The case is superbly made and finished, as we've all come to expect from Eddie's watches... beautiful brushing and a great case back. The crown is unsigned as expected and polished which does stand out a little against the brushed case. I'd prefer a brushed crown to match the case, but if the original had a polished crown then so be it 

The hacking movement feels solid with a firm wind and a superb slick stem for setting. The hands are the one thing I think people have been a little divided on over the 39mm and 36mm versions, with the 39mm hands appearing "fatter" than on the 36mm. Seeing it in the flesh I'm inclined to agree, they do seem a little "fat" and when the light catches the polished edges they are huge! However, they are supremely easy to read... the main purpose of this type of watch surly?

The dial printing is superb, not in it's 1000% prefect accuracy but more in the "feel" it gives for this type of watch, it really keeps the feeling of being put together for the military, function over form as it were.

Finally the crystal, I had to read up about "double domed" actually was and can see why people were excited it was on the 39mm. The crystal has a super dome to it yet at the same time there is almost NO distortion to the dial except at the very far edges. A triumph and a great result that this batch of 39mm's will likely be the only ones with Double Domed Crystals, or the price will be much greater next time around!

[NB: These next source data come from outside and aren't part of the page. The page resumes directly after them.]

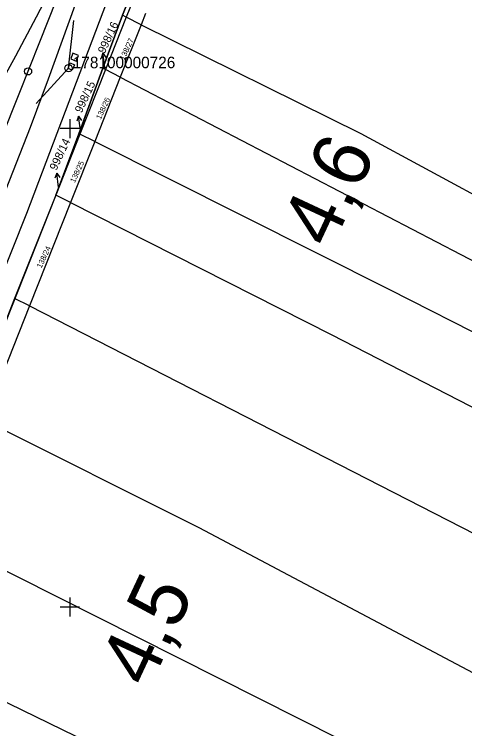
# Model space of a CAD drawing. Extents: x -755344 to -754412, y -1162670 to -1161477.
# Drawn here: x -754811.6 to -754717.5, y -1162225.4 to -1162076.1 of the extents above; entities that cross this region are included whole.
import ezdxf

# ---------------------------------------------------------------- set-up
doc = ezdxf.new("R2010")
doc.units = 0
for name, color, linetype in [('Body ŽBP', 7, 'Continuous'), ('Katastrální hranice', 7, 'Continuous'), ('Staniceni a namezniky', 7, 'Continuous'), ('Síť', 7, 'Continuous'), ('Vrstva 1', 7, 'Continuous'), ('Vrstva 12', 7, 'Continuous'), ('Vrstva 53', 7, 'Continuous'), ('Vrstva 55', 7, 'Continuous'), ('Vrstva 57', 7, 'Continuous')]:
    doc.layers.add(name, color=color, linetype=linetype)

msp = doc.modelspace()

# ---------------------------------------------------------------- linework, layer by layer
at = {"layer": 'Body ŽBP'}
for p, q in [((-754800.27, -1162087.38), (-754799.19, -1162077.44)), ((-754800.27, -1162087.38), (-754807.05, -1162094.74)), ((-754800.25, -1162087.33), (-754800.29, -1162087.43)), ((-754800.27, -1162087.38), (-754800.27, -1162087.38))]:
    msp.add_line(p, q, dxfattribs=at)
msp.add_circle((-754800.27, -1162087.38), 0.756, dxfattribs=at)
at = {"layer": 'Katastrální hranice'}
for p, q in [((-754783.47, -1162064.75), (-754788.22, -1162076.73)), ((-754788.22, -1162076.73), (-754792.54, -1162087.63)), ((-754792.54, -1162087.63), (-754797.91, -1162101.16)), ((-754797.91, -1162101.16), (-754802.96, -1162113.9)), ((-754802.96, -1162113.9), (-754811.54, -1162135.54)), ((-754811.54, -1162135.54), (-754816.22, -1162147.35))]:
    msp.add_line(p, q, dxfattribs=at)
at = {"layer": 'Staniceni a namezniky'}
msp.add_circle((-754808.73, -1162088.04), 0.75, dxfattribs=at)
at = {"layer": 'Síť'}
for points in [[(-754800, -1162098), (-754800, -1162100), (-754800, -1162102)], [(-754798, -1162100), (-754800, -1162100), (-754802, -1162100)], [(-754800, -1162198), (-754800, -1162200), (-754800, -1162202)], [(-754798, -1162200), (-754800, -1162200), (-754802, -1162200)]]:
    msp.add_lwpolyline(points, dxfattribs=at)
at = {"layer": 'Vrstva 1'}
for points in [[(-754814.09, -1162114.62), (-754808.25, -1162099.68), (-754804.47, -1162089.62), (-754798.9, -1162074.23), (-754793.63, -1162059.04), (-754788.99, -1162045.27)], [(-754802.82, -1162068.46), (-754807.01, -1162076.73), (-754811.35, -1162084.87), (-754815.39, -1162092.12), (-754818.66, -1162097.67), (-754820.65, -1162100.99), (-754825.85, -1162109.19), (-754831.64, -1162117.68), (-754836.49, -1162124.37), (-754839.8, -1162128.71), (-754840.46, -1162129.57), (-754840.79, -1162129.99), (-754847.19, -1162138.25), (-754849.01, -1162140.58), (-754849.98, -1162141.84), (-754854.92, -1162148.19), (-754860.18, -1162155.01)], [(-754855.13, -1162205.06), (-754851.41, -1162195.67), (-754847.87, -1162186.72), (-754844.23, -1162177.57), (-754840.47, -1162168.07), (-754836.48, -1162158.01), (-754832.73, -1162148.55), (-754829.03, -1162139.24), (-754824.91, -1162128.83), (-754821.22, -1162119.52), (-754818.37, -1162112.34), (-754814.26, -1162101.97), (-754810.6, -1162092.76), (-754806.3, -1162081.9), (-754802.77, -1162073.01), (-754801.21, -1162069.06)]]:
    msp.add_lwpolyline(points, dxfattribs=at)
at = {"layer": 'Vrstva 12'}
for points in [[(-754799.79, -1162085.43), (-754798.65, -1162085.92), (-754798.16, -1162084.75), (-754799.39, -1162084.21), (-754799.79, -1162085.43)], [(-754800.38, -1162087.44), (-754799.92, -1162086.29), (-754799, -1162086.68), (-754799.48, -1162087.82), (-754800.38, -1162087.44)]]:
    msp.add_lwpolyline(points, dxfattribs=at)
at = {"layer": 'Vrstva 53'}
msp.add_lwpolyline([(-754717.5, -1161955.11), (-754731.42, -1161979.09), (-754747.41, -1161959.83), (-754749.74, -1161970.12), (-754750.32, -1161972.64), (-754745.89, -1161978.47), (-754747.84, -1161978.77), (-754754.27, -1161988.55), (-754756.33, -1161996.85), (-754760.29, -1162004.33), (-754789, -1162076.26), (-754793.13, -1162087.4), (-754798.15, -1162101.07), (-754802.96, -1162113.9), (-754816.22, -1162147.35), (-754851.45, -1162231.96), (-754887.61, -1162319.28)], dxfattribs=at)
at = {"layer": 'Vrstva 55'}
for p, q in [((-754783.47, -1162064.75), (-754788.22, -1162076.73)), ((-754783.47, -1162064.75), (-754788.22, -1162076.73)), ((-754793.13, -1162087.4), (-754789, -1162076.26)), ((-754788.22, -1162076.73), (-754792.54, -1162087.63)), ((-754788.22, -1162076.73), (-754792.54, -1162087.63)), ((-754788.22, -1162076.73), (-754789, -1162076.26)), ((-754785.12, -1162078.33), (-754788.22, -1162076.73)), ((-754784.18, -1162075.95), (-754785.12, -1162078.33)), ((-754785.12, -1162078.33), (-754789.45, -1162089.23)), ((-754798.15, -1162101.07), (-754793.13, -1162087.4)), ((-754792.54, -1162087.63), (-754793.13, -1162087.4)), ((-754792.54, -1162087.63), (-754797.91, -1162101.16)), ((-754792.54, -1162087.63), (-754797.91, -1162101.16)), ((-754789.45, -1162089.23), (-754792.54, -1162087.63)), ((-754789.45, -1162089.23), (-754794.8, -1162102.72)), ((-754802.96, -1162113.9), (-754798.15, -1162101.07)), ((-754797.91, -1162101.16), (-754802.96, -1162113.9)), ((-754797.91, -1162101.16), (-754802.96, -1162113.9)), ((-754797.91, -1162101.16), (-754798.15, -1162101.07)), ((-754794.8, -1162102.72), (-754797.91, -1162101.16)), ((-754794.8, -1162102.72), (-754799.86, -1162115.47)), ((-754802.96, -1162113.9), (-754811.54, -1162135.54)), ((-754802.96, -1162113.9), (-754811.54, -1162135.54)), ((-754799.86, -1162115.47), (-754802.96, -1162113.9)), ((-754799.86, -1162115.47), (-754808.43, -1162137.05)), ((-754811.54, -1162135.54), (-754816.22, -1162147.35)), ((-754811.54, -1162135.54), (-754816.22, -1162147.35)), ((-754808.43, -1162137.05), (-754811.54, -1162135.54)), ((-754808.43, -1162137.05), (-754817.91, -1162160.94))]:
    msp.add_line(p, q, dxfattribs=at)
for points in [[(-754978.01, -1162551.88), (-754981.37, -1162542.41), (-754930.02, -1162407.36), (-754870.17, -1162267.96), (-754836.4, -1162183.6), (-754824.89, -1162157.4), (-754808.97, -1162117.64), (-754790.52, -1162068.93), (-754761.32, -1161999.17), (-754754.27, -1161988.55)], [(-754789, -1162076.26), (-754760.29, -1162004.33), (-754756.33, -1161996.85)], [(-754785.12, -1162078.33), (-754739.17, -1162101.03), (-754695.9, -1162124.41), (-754654.4, -1162147.91), (-754627.49, -1162162.07)], [(-754789.45, -1162089.23), (-754713.23, -1162128.96), (-754644.57, -1162165.98), (-754632.53, -1162173.22)], [(-754794.8, -1162102.72), (-754733.16, -1162133.64), (-754689.89, -1162155.62), (-754637.42, -1162185.04)], [(-754799.86, -1162115.47), (-754745.23, -1162143.07), (-754649.07, -1162192.57), (-754628.02, -1162204.3)], [(-754808.43, -1162137.05), (-754656.15, -1162215.06), (-754622.57, -1162236.02)], [(-754817.91, -1162160.94), (-754773.06, -1162183.36), (-754661.89, -1162242.23), (-754631.58, -1162259.43)], [(-754827.93, -1162185.11), (-754743.71, -1162227.55), (-754668.64, -1162267.68), (-754640.75, -1162283.26)], [(-754837.67, -1162208.02), (-754737.97, -1162256.6), (-754682.13, -1162286.58), (-754649.24, -1162305.33)]]:
    msp.add_lwpolyline(points, dxfattribs=at)
at = {"layer": 'Vrstva 57'}
for p, q in [((-754793.08, -1162084.2), (-754793.45, -1162085.25)), ((-754792.69, -1162087.17), (-754793.08, -1162084.2)), ((-754793.08, -1162084.2), (-754792.46, -1162085.12)), ((-754798.16, -1162097.38), (-754798.52, -1162098.44)), ((-754797.77, -1162100.36), (-754798.16, -1162097.38)), ((-754798.16, -1162097.38), (-754797.53, -1162098.31)), ((-754802.74, -1162109.29), (-754803.11, -1162110.34)), ((-754802.35, -1162112.26), (-754802.74, -1162109.29)), ((-754802.74, -1162109.29), (-754802.11, -1162110.22))]:
    msp.add_line(p, q, dxfattribs=at)

# ---------------------------------------------------------------- texts
at = {"layer": 'Body ŽBP'}
msp.add_text(' 178100000726', height=2.4, dxfattribs=at).set_placement((-754800.27, -1162087.38))
at = {"layer": 'Staniceni a namezniky'}
for s, p in [('4,6', (-754745.4, -1162125.39)), ('4,5', (-754783.42, -1162217.2))]:
    msp.add_text(s, height=12, rotation=64.9752, dxfattribs=at).set_placement(p)
at = {"layer": 'Vrstva 57'}
for s, height, p in [('998/16', 1.7, (-754792.72, -1162084.46)), ('138/27', 1.139, (-754788.63, -1162085.8)), ('998/15', 1.7, (-754797.54, -1162096.87)), ('138/26', 1.139, (-754793.55, -1162098.19)), ('998/14', 1.7, (-754802.81, -1162108.87)), ('138/25', 1.139, (-754798.97, -1162111.43)), ('138/24', 1.139, (-754805.94, -1162129.27))]:
    msp.add_text(s, height=height, rotation=65, dxfattribs=at).set_placement(p)

doc.saveas('drawing.dxf')
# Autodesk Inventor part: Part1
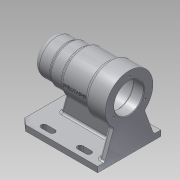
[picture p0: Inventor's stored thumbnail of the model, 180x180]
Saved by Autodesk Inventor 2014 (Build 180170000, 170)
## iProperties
Created: 2017-09
Part Number: Part1
Material: Aluminum 6061
Document SubType Name: Modeling
Designer: user
Density: 2.71 g/cm^3
Appearance: Aluminum - Flat
Author: user
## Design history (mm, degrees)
sketch "Sketch3"
  geometry: L1 (0, 0)-(0, 90); L2 (0, 90)-(112, 90); L3 (112, 90)-(112, 0); L4 (112, 0)-(0, 0)
  constraints: 8 end point
extrude "Extrusion1" new body sketch "Sketch3" distance "d0" = 8; taper "d1" = 0 deg
sketch "Sketch4"
  geometry: L1 (0, 90)-(0, 0) reference; L2 (0, 0)-(112, 0) reference; L3 (112, 90)-(0, 90) reference; L4 (56, 45)-(0, 45); L5 (0, 45)-(0, 81.946); L6 (0, 81.946)-(8.896, 90); L7 (8.896, 90)-(56, 90); L8 (56, 90)-(56, 45); L9 (0, 90)-(8.896, 90); L10 (0, 81.946)-(0, 90); L11 (56, 90)-(112, 90); L12 (0, 45)-(0, 8.054); L13 (0, 8.054)-(8.896, 0); L14 (0, 8.054)-(0, 0); L15 (0, 0)-(8.896, 0); L16 (0, 45)-(0, 81.946); L17 (0, 45)-(0, 8.054)
  constraints: 28 end point, 4 point on line, 2 midpoint
  dimensions: "d3" = 12 distance of L5.end L6.end; "d4" = 12 distance of L12.end L13.end
extrude "Extrusion2" cut sketch "Sketch4" distance "d5" = 8; taper "d6" = 0 deg
workplane "Work Plane1"
sketch "Sketch5"
  geometry: L1 (8.896, 90)-(0, 81.946) reference; L2 (0, 81.946)-(0, 8.054) reference; L3 (0, 8.054)-(8.896, 0) reference; L4 (8.896, 0)-(112, 0) reference; L5 (112, 0)-(112, 90) reference; L6 (112, 90)-(8.896, 90) reference; L7 (112, 90)-(112, 45); L8 (112, 45)-(112, 75); L9 (112, 45)-(0, 45); L10 (0, 45)-(0, 70); L11 (0, 70)-(25, 70); L12 (25, 70)-(25, 72); L13 (25, 72)-(45, 72); L14 (45, 72)-(45, 75); L15 (45, 75)-(84, 75); L16 (84, 75)-(84, 79); L17 (84, 79)-(112, 79); L18 (112, 79)-(112, 45); L19 (112, 45)-(112, 79); 1 further point
  constraints: 26 end point, 3 point on line, 2 midpoint
revolve "Revolution1" sketch "Sketch5" stored, may be unused: angle "d8" = 90 deg
sketch "Sketch6"
  geometry: C1 r 34 at (0, 0) reference; C2 r 21 at (0, 0); 1 further point
  constraints: 1 centre point, 1 coincident
extrude "Extrusion3" cut sketch "Sketch6" distance "d9" = 15; taper "d10" = 0 deg
sketch "Sketch7"
  geometry: C1 r 21 at (0, 0) reference; C2 r 24 at (0, 0); 1 further point
  constraints: 1 centre point, 1 coincident
extrude "Extrusion4" cut sketch "Sketch7" distance "d11" = 54; taper "d12" = 0 deg
sketch "Sketch8"
  geometry: C1 r 24 at (0, 0) reference; C2 r 21 at (0, 0); 1 further point
  constraints: 1 centre point, 1 coincident
extrude "Extrusion5" cut sketch "Sketch8" distance "d13" = 12; taper "d14" = 0 deg
sketch "Sketch9"
  geometry: C1 r 21 at (0, 0) reference; C2 r 17.5 at (0, 0); 1 further point
  constraints: 1 centre point, 1 coincident
extrude "Extrusion6" cut sketch "Sketch9" distance "d15" = 18; taper "d16" = 0 deg
sketch "Sketch10"
  geometry: C1 r 17.5 at (0, 0) reference; C2 r 16 at (0, 0); 1 further point
  constraints: 1 centre point, 1 coincident
extrude "Extrusion7" cut sketch "Sketch10" distance "d17" = 4; taper "d18" = 0 deg
sketch "Sketch11"
  geometry: C1 r 16 at (0, 0) reference; C2 r 10.5 at (0, 0); 1 further point
  constraints: 1 centre point, 1 coincident
extrude "Extrusion8" cut sketch "Sketch11" distance "d19" = 4; taper "d20" = 0 deg
sketch "Sketch12"
  geometry: L1 (0, 81.946)-(0, 8.054) reference; L2 (0, 45)-(0, 11); L3 (0, 11)-(24, 11); L4 (24, 11)-(36, 11); L5 (24, 15)-(36, 15); L6 (24, 7)-(36, 7); A1 r 4 centre (24, 11) between (24, 15) and (24, 7); A2 r 4 centre (36, 11) between (36, 15) and (36, 7); 1 further point
  constraints: 10 end point, 4 point on circle, 2 centre point, 2 coincident, 1 midpoint, 1 point on line
extrude "Extrusion9" cut sketch "Sketch12" distance "d21" = 8; taper "d22" = 0 deg
pattern_linear "Rectangular Pattern1" dims "d25" = -68, "d28" = 52
sketch "Sketch13"
  geometry: C1 r 34 at (0, 0) reference; 3 further points
  constraints: 1 coincident, 1 horizontal alignment, 2 other
hole "Hole1" sketch "Sketch13" at (-26, 0) diameter "d29" = 3.242; stored, may be unused: countersink angle "d33" = 90 deg, drill point angle "d35" = 118 deg; dims "d30" = 8, "d31" = 11, "d32" = 2, "d34" = 11
pattern_circular "Circular Pattern1" dims angle "d37" = 360 deg
workplane "Work Plane2"
sketch "Sketch15"
  geometry: L1 (0, 0)-(0, 6.46); L2 (0, 6.46)-(-17.765, 6.46); L3 (-17.765, 6.46)-(-28.215, 45.46); L4 (-112, 104)-(-112, 36) reference; L5 (-28.215, 45.46)-(-112, 45.46); L6 (-112, 45.46)-(-112, 7.935)
  constraints: 10 end point, 1 point on line
  dimensions: "d40" = 39 vertical distance of L2.end L3.end; "d41" = 105 deg angle of L3 L2
feature "Rib1" sketch "Sketch15" dims "d42" = 1, "d43" = 8, "d44" = 0, "d45" = 0, "d46" = 1, "d47" = 1
sketch "Sketch16"
  geometry: L1 (-8, 49)-(-8, 90) reference; L2 (0, 90)-(-8, 90); L3 (-8, 90)-(-8, 80); L4 (-8, 80)-(-48.407, 65.293); L5 (-48.407, 65.293)-(-48.407, 49); L6 (-48.407, 49)-(-8, 49)
  constraints: 10 end point, 1 point on line
feature "Rib2" sketch "Sketch16" dims "d48" = 1, "d49" = 8, "d50" = 0, "d51" = 0, "d52" = 1, "d53" = 1
mirror "Mirror1"
fillet "Fillet1" dims "d54" = 9, "d55" = 3
fillet "Fillet3" dims "d57" = 3
fillet "Fillet4" dims "d58" = 3
fillet "Fillet5" dims "d59" = 3
chamfer "Chamfer1" distance "d60" = 1; stored, may be unused: second distance "d61" = 2, angle "d62" = 45 deg
fillet "Fillet6" dims "d63" = 0.3
fillet "Fillet7" dims "d64" = 3
workplane "Work Plane3"
sketch "Sketch17"
  geometry: L1 (-47.5, 22)-(-47.5, -22) reference; L2 (-47.5, 0)-(0.5, 0); L3 (-16.326, 2.106)-(16.544, 2.106); L4 (16.544, 2.106)-(16.544, -2.736); L5 (16.544, -2.736)-(-16.326, -2.736); L6 (-16.326, -2.736)-(-16.326, 2.106); 1 further point
  constraints: 2 end point, 1 midpoint, 2 other
emboss "Emboss1" sketch "Sketch17" dims "d5" = 8, "d6" = 0, "d65" = 0.5, "d66" = 0
body "Solid1"
node "Projected Loop1"
other parameters: "d39" = 45

Overall, I think it's a fantastic watch. Looks superb, feels great and for me makes a great change from all the Divers I've got... *WELL DONE EDDIE *


----------



## earlgray (Jun 4, 2006)

Excellent pictures Jon :-!It looks great.A modern interpretation of a classic watch.

Thanks for sharing .


----------



## Myron (Dec 27, 2009)

Super cool watch, Jon. Does the crown screw down?

Myron


----------



## pipers (Apr 12, 2007)

Thanks for the pics... still waiting for mine


----------



## Strela (Apr 30, 2005)

*Very faithfully done!*

I like the fact that Eddie also did a 36mm version as well. :-!


----------



## Nalu (Feb 14, 2006)

Myron said:


> Super cool watch, Jon. Does the crown screw down?
> 
> Myron


No. Nor did it on the original Smiths W10.


----------



## Janne (Apr 16, 2007)

Nice watch!!!!

Just a nerdy reflection: As it is marked "Smiths" etc, does it not make this watch a fake?


----------



## Crusader (Apr 30, 2005)

Janne said:


> Nice watch!!!!
> 
> Just a nerdy reflection: As it is marked "Smiths" etc, does it not make this watch a fake?


I believe Eddie acquired the rights to the "Smiths" name, just as he acquired the rights to the Precista and Sewell's names. So definitely not a fake. Which turns it from a mere homage to a re-issue, really. ;-)

Great little watch ... I like the 36mm version very much.


----------



## Jonmurgie (Mar 5, 2007)

Thanks guys, it's great having something like this as a "modern" interpretation with it's 39mm size (it does wear larger), drilled lugs and of course the fantastic double domed sapphire crystal.

Not one for the purists but that's what the 36mm is for (fixed springbar, acrylic crystal etc.). I'm organising a UK pass around of the 36mm so will post up some pics of that when it arrives.



Janne said:


> Just a nerdy reflection: As it is marked "Smiths" etc, does it not make this watch a fake?


As posted, Eddie doesn't do "fakes" and with Smiths he has acquired the name as they let it lapse in 2008. He's what Eddie said:



swanbourne said:


> I tried to licence the name in 2004 but they weren't interested; I wrote again in 2006 and never got a reply. They let the mark lapse in 2008 and I registered it on the first day possible in January 2009. The trademark is now registered to me and I'm planning on making the W10 at 39mm with fixed bars. I'd like to use an "interesting" hand-wind movement with centre seconds but if I can't find one, the ETA2801 will do fine.
> 
> Eddie


----------



## Janne (Apr 16, 2007)

Good thing he acqured the rights to the name. Maybe some more interesting re-issues in the future then!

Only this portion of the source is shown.